Assignment => The listing below should be copied in full, word for word.
---------- The data
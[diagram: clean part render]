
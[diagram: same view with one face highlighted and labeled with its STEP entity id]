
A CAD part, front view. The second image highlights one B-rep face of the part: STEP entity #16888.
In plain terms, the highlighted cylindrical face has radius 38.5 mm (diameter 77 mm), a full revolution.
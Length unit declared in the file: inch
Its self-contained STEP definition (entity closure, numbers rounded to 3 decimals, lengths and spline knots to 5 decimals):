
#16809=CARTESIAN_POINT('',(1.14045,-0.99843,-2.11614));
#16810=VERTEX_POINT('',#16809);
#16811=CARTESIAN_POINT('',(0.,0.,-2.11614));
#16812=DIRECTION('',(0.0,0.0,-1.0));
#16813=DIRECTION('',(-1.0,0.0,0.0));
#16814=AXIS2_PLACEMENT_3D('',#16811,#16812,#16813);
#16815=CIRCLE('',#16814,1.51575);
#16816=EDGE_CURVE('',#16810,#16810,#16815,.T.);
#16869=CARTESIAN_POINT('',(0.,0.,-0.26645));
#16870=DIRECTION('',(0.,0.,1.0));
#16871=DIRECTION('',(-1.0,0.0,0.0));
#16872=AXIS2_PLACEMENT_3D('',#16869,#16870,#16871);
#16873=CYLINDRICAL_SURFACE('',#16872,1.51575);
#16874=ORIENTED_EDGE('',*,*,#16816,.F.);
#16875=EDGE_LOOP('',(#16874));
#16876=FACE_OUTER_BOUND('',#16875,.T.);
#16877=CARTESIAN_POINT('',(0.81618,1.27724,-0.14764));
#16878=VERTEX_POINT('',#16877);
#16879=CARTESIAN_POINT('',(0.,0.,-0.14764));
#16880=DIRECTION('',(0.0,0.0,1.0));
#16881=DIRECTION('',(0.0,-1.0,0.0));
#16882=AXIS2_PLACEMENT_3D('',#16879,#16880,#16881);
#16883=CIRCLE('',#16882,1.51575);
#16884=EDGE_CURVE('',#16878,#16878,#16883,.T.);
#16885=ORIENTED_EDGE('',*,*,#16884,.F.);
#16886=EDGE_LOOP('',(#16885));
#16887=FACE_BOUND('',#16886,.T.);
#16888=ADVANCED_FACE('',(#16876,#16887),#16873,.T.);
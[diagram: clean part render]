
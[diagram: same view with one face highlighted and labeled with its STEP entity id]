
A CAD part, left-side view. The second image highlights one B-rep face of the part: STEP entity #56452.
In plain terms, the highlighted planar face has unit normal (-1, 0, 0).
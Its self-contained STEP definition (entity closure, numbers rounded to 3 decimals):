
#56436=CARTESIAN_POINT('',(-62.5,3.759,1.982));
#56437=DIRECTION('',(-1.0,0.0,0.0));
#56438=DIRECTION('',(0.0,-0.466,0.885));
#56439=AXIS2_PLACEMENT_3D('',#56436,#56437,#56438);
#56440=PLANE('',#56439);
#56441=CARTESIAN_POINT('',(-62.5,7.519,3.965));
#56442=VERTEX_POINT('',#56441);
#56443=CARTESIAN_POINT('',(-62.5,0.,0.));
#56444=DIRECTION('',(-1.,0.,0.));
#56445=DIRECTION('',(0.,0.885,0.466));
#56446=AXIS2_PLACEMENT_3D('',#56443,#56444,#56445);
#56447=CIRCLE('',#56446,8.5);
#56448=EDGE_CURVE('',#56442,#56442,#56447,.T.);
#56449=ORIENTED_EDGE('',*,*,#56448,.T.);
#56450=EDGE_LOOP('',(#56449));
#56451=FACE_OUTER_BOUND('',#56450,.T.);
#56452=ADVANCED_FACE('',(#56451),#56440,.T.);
--------------------
Exercise response =>
[diagram: clean part render]
[diagram: same view with one face highlighted and labeled with its STEP entity id]
A CAD part, front view. The second image highlights one B-rep face of the part: STEP entity #16888.
In plain terms, the highlighted cylindrical face has radius 38.5 mm (diameter 77 mm), a full revolution.
Length unit declared in the file: inch
Its self-contained STEP definition (entity closure, numbers rounded to 3 decimals, lengths and spline knots to 5 decimals):
#16809=CARTESIAN_POINT('',(1.14045,-0.99843,-2.11614));
#16810=VERTEX_POINT('',#16809);
#16811=CARTESIAN_POINT('',(0.,0.,-2.11614));
#16812=DIRECTION('',(0.0,0.0,-1.0));
#16813=DIRECTION('',(-1.0,0.0,0.0));
#16814=AXIS2_PLACEMENT_3D('',#16811,#16812,#16813);
#16815=CIRCLE('',#16814,1.51575);
#16816=EDGE_CURVE('',#16810,#16810,#16815,.T.);
#16869=CARTESIAN_POINT('',(0.,0.,-0.26645));
#16870=DIRECTION('',(0.,0.,1.0));
#16871=DIRECTION('',(-1.0,0.0,0.0));
#16872=AXIS2_PLACEMENT_3D('',#16869,#16870,#16871);
#16873=CYLINDRICAL_SURFACE('',#16872,1.51575);
#16874=ORIENTED_EDGE('',*,*,#16816,.F.);
#16875=EDGE_LOOP('',(#16874));
#16876=FACE_OUTER_BOUND('',#16875,.T.);
#16877=CARTESIAN_POINT('',(0.81618,1.27724,-0.14764));
#16878=VERTEX_POINT('',#16877);
#16879=CARTESIAN_POINT('',(0.,0.,-0.14764));
#16880=DIRECTION('',(0.0,0.0,1.0));
#16881=DIRECTION('',(0.0,-1.0,0.0));
#16882=AXIS2_PLACEMENT_3D('',#16879,#16880,#16881);
#16883=CIRCLE('',#16882,1.51575);
#16884=EDGE_CURVE('',#16878,#16878,#16883,.T.);
#16885=ORIENTED_EDGE('',*,*,#16884,.F.);
#16886=EDGE_LOOP('',(#16885));
#16887=FACE_BOUND('',#16886,.T.);
#16888=ADVANCED_FACE('',(#16876,#16887),#16873,.T.);
[diagram: clean part render]
[diagram: same view with one face highlighted and labeled with its STEP entity id]
A CAD part, left-side view. The second image highlights one B-rep face of the part: STEP entity #56452.
In plain terms, the highlighted planar face has unit normal (-1, 0, 0).
Its self-contained STEP definition (entity closure, numbers rounded to 3 decimals):
#56436=CARTESIAN_POINT('',(-62.5,3.759,1.982));
#56437=DIRECTION('',(-1.0,0.0,0.0));
#56438=DIRECTION('',(0.0,-0.466,0.885));
#56439=AXIS2_PLACEMENT_3D('',#56436,#56437,#56438);
#56440=PLANE('',#56439);
#56441=CARTESIAN_POINT('',(-62.5,7.519,3.965));
#56442=VERTEX_POINT('',#56441);
#56443=CARTESIAN_POINT('',(-62.5,0.,0.));
#56444=DIRECTION('',(-1.,0.,0.));
#56445=DIRECTION('',(0.,0.885,0.466));
#56446=AXIS2_PLACEMENT_3D('',#56443,#56444,#56445);
#56447=CIRCLE('',#56446,8.5);
#56448=EDGE_CURVE('',#56442,#56442,#56447,.T.);
#56449=ORIENTED_EDGE('',*,*,#56448,.T.);
#56450=EDGE_LOOP('',(#56449));
#56451=FACE_OUTER_BOUND('',#56450,.T.);
#56452=ADVANCED_FACE('',(#56451),#56440,.T.);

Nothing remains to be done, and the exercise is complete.